FIG. 7 is a front view of a sheet used in the light emitting diode display device according to the embodiment of the present invention.

FIG. 8 is a front view showing an example of another sheet used in the light emitting diode display device of one embodiment of the present invention.

FIG. 9 is a front view of a lens cover used in the light emitting diode display device according to the embodiment of the present invention.

FIG. 10 is a plan view, a front view (a), a plan view and a front cross-sectional view (b) showing examples of other two types of diffused emission lens elements in a light emitting diode display device according to an embodiment of the present invention. ).

[Explanation of symbols]

 10 Printed circuit board 10A LED row 11, ..., 16 LED row 20A, 20B Diffuse emission lens element 20a Incident end 20d Radiation end 20e, 20f Side surface 20b, 20c Reflective surface 21, ..., 26 Diffuse emission lens row 30,80 sheet 40 lens cover

 ─────────────────────────────────────────────────── ─── Continuation of the front page (72) Inventor Akihiko Suzuki, Kasuga-cho, Nishiichi, Aichi Prefecture 1 Ochiai, Nagahata, Toyoda Gosei Co., Ltd. (72) Inventor Osamu Yamanaka 1, Kasuga-cho, Nishiichi, Aichi Prefecture Ochiai, Nagahata In Toyoda Gosei Co., Ltd. (72) Inventor Tadanobu Iwasa No. 1 Nagahata, Ochiai, Kasuga-cho, Nishikasugai-gun, Aichi Toyota Gosei Co., Ltd.

Claims (7)

[Claims] 1. A light emitting diode display device comprising: a diffusion emission lens array having an incident end portion facing a light emitting diode row arranged on a printed circuit board and a radiation end portion for diffusing and emitting the incident light.

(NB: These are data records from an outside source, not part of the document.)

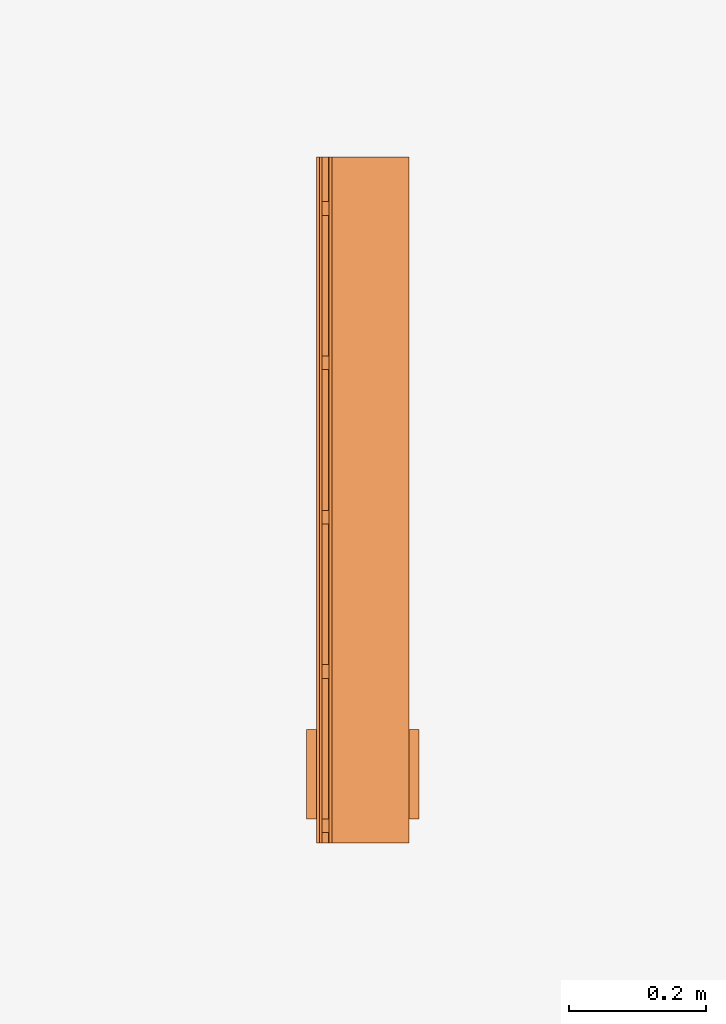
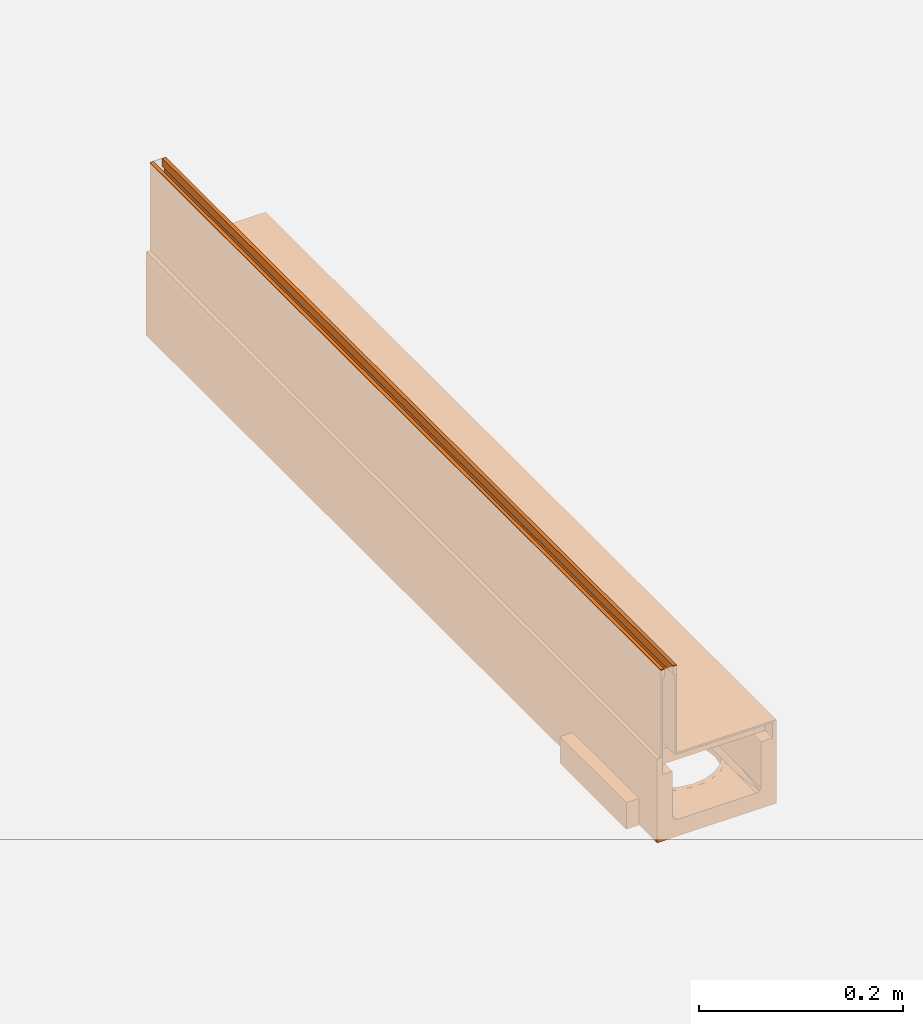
# One storey, part 2 of 2: 1 proxy.
"""IFC2X3 building model written with IfcOpenShell, lengths in millimetres."""

from ifc_helpers import new_model, entity, si_unit, converted_unit, direction, frame, origin, place, context, subcontext, project, spatial, faceted_brep, source, transform, mapped, material, material_list, element, save


model = new_model("IFC2X3")

# Units and contexts
model_context = context("Model", 3, precision=1e-06, world=origin(), true_north=direction((2.0, 6.12303176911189e-17, 1.0)))
context_of_model = context(None, 3, precision=1e-06, world=origin(), true_north=direction((2.0, 6.12303176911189e-17, 1.0)))
body_context = subcontext(model_context, "Body", "Model", "MODEL_VIEW")
ifc_project = project(units=[si_unit("LENGTHUNIT", "METRE", prefix="MILLI"), si_unit("AREAUNIT", "SQUARE_METRE", prefix="MILLI"), si_unit("VOLUMEUNIT", "CUBIC_METRE", prefix="MILLI"), converted_unit("PLANEANGLEUNIT", "DEGREE", entity("IfcRatioMeasure", 0.0174532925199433), si_unit("PLANEANGLEUNIT", "RADIAN"), dimensions=[0, 0, 0, 0, 0, 0, 0]), si_unit("TIMEUNIT", "SECOND")], contexts=[model_context, context_of_model])

# Site, building, storey
site_placement = place(None, origin())
site = spatial("IfcSite", under=ifc_project, at=site_placement, Name="Default", CompositionType="ELEMENT")
building_placement = place(site_placement, origin())
building = spatial("IfcBuilding", under=site, at=building_placement, CompositionType="ELEMENT")
storey_placement = place(building_placement, origin())
storey = spatial("IfcBuildingStorey", under=building, at=storey_placement, Name="Level 1", CompositionType="ELEMENT", Elevation=0.0)

# Proxy
ifc_material_1 = material(Name="Stainless Steel (F)")
ifc_material_2 = material(Name="Plastic, Opaque Black")
ifc_material_3 = material(Name="Vienite® Synthetic Resin Concrete")
ifc_material_list = material_list([ifc_material_1, ifc_material_2, ifc_material_3])
shared_shape = source(origin(), body_context, "Body", "Brep", [
    faceted_brep([(63.2499999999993, 15.0, -107.0), (63.2499999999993, 17.0, -109.0), (63.2499999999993, 33.0, -109.0), (63.2499999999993, 35.0, -107.0), (63.2499999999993, 17.0, -123.499999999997), (63.2499999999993, 15.0, -125.499999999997), (63.2499999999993, 33.0, -123.499999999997), (63.2499999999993, 35.0, -125.499999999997), (-61.2500000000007, 15.0, -125.499999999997), (-61.2500000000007, 17.0, -123.499999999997), (-61.2500000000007, 33.0, -123.499999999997), (-61.2500000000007, 35.0, -125.499999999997), (-61.2500000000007, 17.0, -109.0), (-61.2500000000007, 15.0, -107.0), (-61.2500000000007, 33.0, -109.0), (-61.2500000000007, 35.0, -107.0)], [[[0, 1, 2, 3]], [[4, 1, 0, 5]], [[3, 2, 6, 7]], [[6, 4, 5, 7]], [[8, 9, 10, 11]], [[12, 9, 8, 13]], [[11, 10, 14, 15]], [[14, 12, 13, 15]], [[5, 0, 13, 8]], [[7, 5, 8, 11]], [[3, 7, 11, 15]], [[0, 3, 15, 13]], [[1, 4, 9, 12]], [[14, 2, 1, 12]], [[6, 2, 14, 10]], [[9, 4, 6, 10]]]),
    faceted_brep([(63.2499999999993, 240.0, -107.0), (63.2499999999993, 242.0, -109.0), (63.2499999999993, 258.0, -109.0), (63.2499999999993, 260.0, -107.0), (63.2499999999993, 242.0, -123.499999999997), (63.2499999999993, 240.0, -125.499999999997), (63.2499999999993, 258.0, -123.499999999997), (63.2499999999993, 260.0, -125.499999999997), (-61.2500000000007, 240.0, -125.499999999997), (-61.2500000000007, 242.0, -123.499999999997), (-61.2500000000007, 258.0, -123.499999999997), (-61.2500000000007, 260.0, -125.499999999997), (-61.2500000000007, 242.0, -109.0), (-61.2500000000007, 240.0, -107.0), (-61.2500000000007, 258.0, -109.0), (-61.2500000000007, 260.0, -107.0)], [[[0, 1, 2, 3]], [[4, 1, 0, 5]], [[3, 2, 6, 7]], [[6, 4, 5, 7]], [[8, 9, 10, 11]], [[12, 9, 8, 13]], [[11, 10, 14, 15]], [[14, 12, 13, 15]], [[5, 0, 13, 8]], [[7, 5, 8, 11]], [[3, 7, 11, 15]], [[0, 3, 15, 13]], [[1, 4, 9, 12]], [[2, 1, 12, 14]], [[6, 2, 14, 10]], [[4, 6, 10, 9]]]),
    faceted_brep([(63.2499999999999, 465.0, -107.0), (63.2499999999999, 467.0, -109.0), (63.2499999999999, 483.0, -109.0), (63.2499999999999, 485.0, -107.0), (63.2499999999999, 467.0, -123.499999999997), (63.2499999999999, 465.0, -125.499999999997), (63.2499999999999, 483.0, -123.499999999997), (63.2499999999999, 485.0, -125.499999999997), (-61.2500000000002, 465.0, -125.499999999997), (-61.2500000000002, 467.0, -123.499999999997), (-61.2500000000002, 483.0, -123.499999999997), (-61.2500000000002, 485.0, -125.499999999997), (-61.2500000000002, 467.0, -109.0), (-61.2500000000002, 465.0, -107.0), (-61.2500000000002, 483.0, -109.0), (-61.2500000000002, 485.0, -107.0)], [[[0, 1, 2, 3]], [[4, 1, 0, 5]], [[3, 2, 6, 7]], [[6, 4, 5, 7]], [[8, 9, 10, 11]], [[12, 9, 8, 13]], [[11, 10, 14, 15]], [[14, 12, 13, 15]], [[5, 0, 13, 8]], [[7, 5, 8, 11]], [[3, 7, 11, 15]], [[0, 3, 15, 13]], [[1, 4, 9, 12]], [[2, 1, 12, 14]], [[6, 2, 14, 10]], [[4, 6, 10, 9]]]),
    faceted_brep([(51.9615242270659, 130.0, -185.0), (42.4264068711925, 142.426406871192, -185.0), (47.6313972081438, 127.499999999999, -185.0), (53.1259204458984, 114.235047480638, -185.0), (55.0, 100.0, -185.0), (57.9555495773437, 115.529142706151, -185.0), (60.0, 100.0, -185.0), (53.1259204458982, 85.7649525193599, -185.0), (38.8908729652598, 138.890872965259, -185.0), (0.0, 155.0, -185.0), (14.2350474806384, 153.125920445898, -185.0), (15.5291427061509, 157.955549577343, -185.0), (0.0, 160.0, -185.0), (30.0, 151.961524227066, -185.0), (27.4999999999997, 147.631397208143, -185.0), (57.9555495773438, 84.4708572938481, -185.0), (47.6313972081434, 72.4999999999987, -185.0), (38.8908729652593, 61.1091270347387, -185.0), (42.4264068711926, 57.5735931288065, -185.0), (51.961524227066, 70.0, -185.0), (30.0, 48.038475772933, -185.0), (27.4999999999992, 52.3686027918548, -185.0), (14.2350474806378, 46.8740795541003, -185.0), (0.0, 45.0, -185.0), (15.5291427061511, 42.0444504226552, -185.0), (0.0, 40.0, -185.0), (-14.2350474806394, 46.8740795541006, -185.0), (-14.2350474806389, 153.125920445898, -185.0), (-15.529142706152, 157.955549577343, -185.0), (-27.5000000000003, 147.631397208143, -185.0), (-30.0, 151.961524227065, -185.0), (-38.8908729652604, 138.890872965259, -185.0), (-42.4264068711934, 142.426406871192, -185.0), (-47.6313972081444, 127.499999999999, -185.0), (-51.9615242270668, 130.0, -185.0), (-53.1259204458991, 114.235047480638, -185.0), (-57.9555495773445, 115.52914270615, -185.0), (-55.0, 100.0, -185.0), (-60.0, 100.0, -185.0), (-53.1259204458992, 85.7649525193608, -185.0), (-42.426406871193, 57.5735931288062, -185.0), (-30.0, 48.0384757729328, -185.0), (-27.5000000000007, 52.3686027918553, -185.0), (-38.8908729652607, 61.1091270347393, -185.0), (-15.5291427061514, 42.0444504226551, -185.0), (-57.9555495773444, 84.4708572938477, -185.0), (-47.6313972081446, 72.4999999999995, -185.0), (-51.9615242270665, 70.0, -185.0), (-51.9615242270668, 130.0, -205.0), (-42.4264068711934, 142.426406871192, -205.0), (-47.6313972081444, 127.499999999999, -205.0), (-53.1259204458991, 114.235047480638, -205.0), (-55.0, 100.0, -205.0), (-57.9555495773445, 115.52914270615, -205.0), (-60.0, 100.0, -205.0), (-53.1259204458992, 85.7649525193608, -205.0), (-38.8908729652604, 138.890872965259, -205.0), (0.0, 155.0, -205.0), (-14.2350474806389, 153.125920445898, -205.0), (-15.529142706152, 157.955549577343, -205.0), (0.0, 160.0, -205.0), (-30.0, 151.961524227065, -205.0), (-27.5000000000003, 147.631397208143, -205.0), (-57.9555495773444, 84.4708572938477, -205.0), (-47.6313972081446, 72.4999999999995, -205.0), (-38.8908729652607, 61.1091270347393, -205.0), (-42.426406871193, 57.5735931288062, -205.0), (-51.9615242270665, 70.0, -205.0), (-30.0, 48.0384757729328, -205.0), (-27.5000000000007, 52.3686027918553, -205.0), (-14.2350474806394, 46.8740795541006, -205.0), (0.0, 45.0, -205.0), (-15.5291427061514, 42.0444504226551, -205.0), (0.0, 40.0, -205.0), (14.2350474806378, 46.8740795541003, -205.0), (14.2350474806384, 153.125920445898, -205.0), (15.5291427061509, 157.955549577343, -205.0), (27.4999999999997, 147.631397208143, -205.0), (30.0, 151.961524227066, -205.0), (38.8908729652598, 138.890872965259, -205.0), (42.4264068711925, 142.426406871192, -205.0), (47.6313972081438, 127.499999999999, -205.0), (51.9615242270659, 130.0, -205.0), (53.1259204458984, 114.235047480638, -205.0), (57.9555495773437, 115.529142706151, -205.0), (55.0, 100.0, -205.0), (60.0, 100.0, -205.0), (53.1259204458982, 85.7649525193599, -205.0), (42.4264068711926, 57.5735931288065, -205.0), (30.0, 48.038475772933, -205.0), (27.4999999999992, 52.3686027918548, -205.0), (38.8908729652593, 61.1091270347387, -205.0), (15.5291427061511, 42.0444504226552, -205.0), (57.9555495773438, 84.4708572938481, -205.0), (47.6313972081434, 72.4999999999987, -205.0), (51.961524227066, 70.0, -205.0)], [[[0, 1, 2, 3]], [[3, 4, 5, 0]], [[6, 5, 4, 7]], [[2, 1, 8]], [[9, 10, 11, 12]], [[13, 11, 10, 14]], [[13, 14, 8, 1]], [[15, 6, 7, 16]], [[17, 18, 19, 16]], [[16, 19, 15]], [[20, 18, 21, 22]], [[21, 18, 17]], [[22, 23, 24, 20]], [[25, 24, 23, 26]], [[27, 12, 28, 29]], [[30, 31, 29, 28]], [[31, 30, 32, 33]], [[33, 32, 34, 35]], [[36, 37, 35, 34]], [[37, 36, 38, 39]], [[40, 41, 42, 43]], [[42, 41, 44]], [[44, 25, 26, 42]], [[39, 38, 45, 46]], [[47, 40, 43, 46]], [[47, 46, 45]], [[27, 9, 12]], [[48, 49, 50, 51]], [[51, 52, 53, 48]], [[54, 53, 52, 55]], [[50, 49, 56]], [[57, 58, 59, 60]], [[61, 59, 58, 62]], [[61, 62, 56, 49]], [[63, 54, 55, 64]], [[65, 66, 67, 64]], [[64, 67, 63]], [[68, 66, 69, 70]], [[69, 66, 65]], [[70, 71, 72, 68]], [[73, 72, 71, 74]], [[75, 60, 76, 77]], [[78, 79, 77, 76]], [[79, 78, 80, 81]], [[81, 80, 82, 83]], [[84, 85, 83, 82]], [[85, 84, 86, 87]], [[88, 89, 90, 91]], [[90, 89, 92]], [[92, 73, 74, 90]], [[87, 86, 93, 94]], [[95, 88, 91, 94]], [[95, 94, 93]], [[75, 57, 60]], [[25, 44, 72, 73]], [[44, 41, 68, 72]], [[40, 47, 67, 66]], [[41, 40, 66, 68]], [[47, 45, 63, 67]], [[54, 63, 45, 38]], [[38, 36, 53, 54]], [[36, 34, 48, 53]], [[32, 30, 61, 49]], [[34, 32, 49, 48]], [[30, 28, 59, 61]], [[60, 59, 28, 12]], [[12, 11, 76, 60]], [[11, 13, 78, 76]], [[1, 0, 82, 80]], [[13, 1, 80, 78]], [[0, 5, 84, 82]], [[86, 84, 5, 6]], [[6, 15, 93, 86]], [[15, 19, 95, 93]], [[18, 20, 89, 88]], [[19, 18, 88, 95]], [[20, 24, 92, 89]], [[73, 92, 24, 25]], [[3, 83, 85, 4]], [[2, 81, 83, 3]], [[14, 77, 79, 8]], [[8, 79, 81, 2]], [[10, 75, 77, 14]], [[75, 10, 9, 57]], [[27, 58, 57, 9]], [[29, 62, 58, 27]], [[33, 50, 56, 31]], [[31, 56, 62, 29]], [[35, 51, 50, 33]], [[51, 35, 37, 52]], [[39, 55, 52, 37]], [[46, 64, 55, 39]], [[42, 69, 65, 43]], [[43, 65, 64, 46]], [[26, 70, 69, 42]], [[70, 26, 23, 71]], [[22, 74, 71, 23]], [[21, 90, 74, 22]], [[16, 94, 91, 17]], [[17, 91, 90, 21]], [[7, 87, 94, 16]], [[87, 7, 4, 85]]]),
    faceted_brep([(-67.5, 35.0, -205.0), (-82.0, 35.0, -205.0), (-82.0, 165.0, -205.0), (-67.5, 165.0, -205.0), (-67.5, 165.0, -173.0), (-82.0, 165.0, -173.0), (-82.0, 35.0, -173.0), (-67.5, 35.0, -173.0)], [[[0, 1, 2, 3]], [[4, 5, 6, 7]], [[5, 2, 1, 6]], [[4, 3, 2, 5]], [[7, 0, 3, 4]], [[6, 1, 0, 7]]]),
    faceted_brep([(82.0, 35.0, -173.0), (82.0, 165.0, -173.0), (67.4999999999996, 165.0, -173.0), (67.4999999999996, 35.0, -173.0), (82.0, 165.0, -205.0), (82.0, 35.0, -205.0), (67.4999999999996, 35.0, -205.0), (67.4999999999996, 165.0, -205.0)], [[[0, 1, 2, 3]], [[4, 5, 6, 7]], [[3, 6, 5, 0]], [[7, 6, 3, 2]], [[1, 4, 7, 2]], [[5, 4, 1, 0]]]),
    faceted_brep([(-47.2500000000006, 0.0, -10.0), (-47.2500000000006, 0.0, -107.0), (-45.2500000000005, 0.0, -105.0), (-45.2500000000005, 0.0, 0.0), (-49.2500000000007, 0.0, 0.0), (-49.2500000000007, 0.0, -10.0), (63.2499999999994, 0.0, -107.0), (63.2499999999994, 0.0, -105.0), (-45.2500000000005, 1000.0, -105.0), (63.2499999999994, 1000.0, -105.0), (63.2499999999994, 1000.0, -107.0), (-47.2500000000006, 1000.0, -107.0), (-47.2500000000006, 1000.0, -10.0), (-45.2500000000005, 1000.0, 0.0), (-49.2500000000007, 1000.0, -10.0), (-49.2500000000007, 1000.0, 0.0)], [[[0, 1, 2, 3]], [[4, 5, 0, 3]], [[6, 7, 2, 1]], [[8, 9, 10, 11]], [[12, 13, 8, 11]], [[12, 14, 15, 13]], [[0, 5, 14, 12]], [[11, 1, 0, 12]], [[6, 1, 11, 10]], [[9, 7, 6, 10]], [[8, 2, 7, 9]], [[3, 2, 8, 13]], [[15, 4, 3, 13]], [[5, 4, 15, 14]]]),
    faceted_brep([(-59.2500000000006, 1000.0, 0.0), (-59.2500000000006, 1000.0, -10.0), (-61.2500000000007, 1000.0, -10.0), (-63.2500000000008, 1000.0, 0.0), (-63.2500000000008, 1000.0, -125.499999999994), (-61.2500000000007, 1000.0, -125.499999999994), (-61.2500000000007, 0.0, -10.0), (-63.2500000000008, 0.0, 0.0), (-63.2500000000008, 0.0, -125.499999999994), (-61.2500000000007, 0.0, -125.499999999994), (-59.2500000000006, 0.0, 0.0), (-59.2500000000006, 0.0, -10.0)], [[[0, 1, 2, 3]], [[4, 3, 2, 5]], [[6, 7, 8, 9]], [[10, 7, 6, 11]], [[9, 8, 4, 5]], [[6, 9, 5, 2]], [[11, 6, 2, 1]], [[10, 11, 1, 0]], [[3, 7, 10, 0]], [[4, 8, 7, 3]]]),
    faceted_brep([(63.2499999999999, 690.0, -107.0), (63.2499999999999, 692.0, -109.0), (63.2499999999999, 708.0, -109.0), (63.2499999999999, 710.0, -107.0), (63.2499999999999, 692.0, -123.499999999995), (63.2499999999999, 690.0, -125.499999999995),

The diffuse radiation lens elements forming the radiation lens array are continuous from the entrance end to above and below the exit end.
A surface is formed radially with the same center, a reflection surface is formed in an upper portion facing the incident end portion, and another reflection surface is formed in a lower portion opposite the emission end portion, and the emission end portion has a radial shape. 2. The light emitting diode display device is characterized in that the maximum distance between the two surfaces is larger than the maximum distance between the two radial surfaces of the radiation end portion. 2. A light emitting diode display device comprising: a diffusion emission lens array having an incident end portion facing a light emitting diode row arranged on a printed circuit board and a radiation end portion for diffusing and emitting the incident light. The diffused emission lens element forming the emission lens array has a reflecting surface formed on an upper portion facing the incident end portion and another reflecting surface formed on a lower portion facing the emission end portion. Display device. 3. The light emitting diode display device according to claim 1, wherein the diffused emission lens element has both reflecting surfaces as rough surfaces. 4. The light emission according to claim 1, wherein the diffuse emission lens element is coated with a metal except for the incident end portion and the emission end portion. Diode display device. 5. The light emitting diode according to claim 1, wherein the diffused radiation lens element is coated with white paint except the incident end and the radiation end. Display device. 6. The light emitting diode according to claim 1, wherein the diffused radiation lens element has an entrance end provided with a fitting hole into which the light emitting diode is inserted. Display device. 7. The light emitting diode display device according to claim 1, wherein a light emitting diode is integrally molded at an incident end portion of the diffused emission lens element.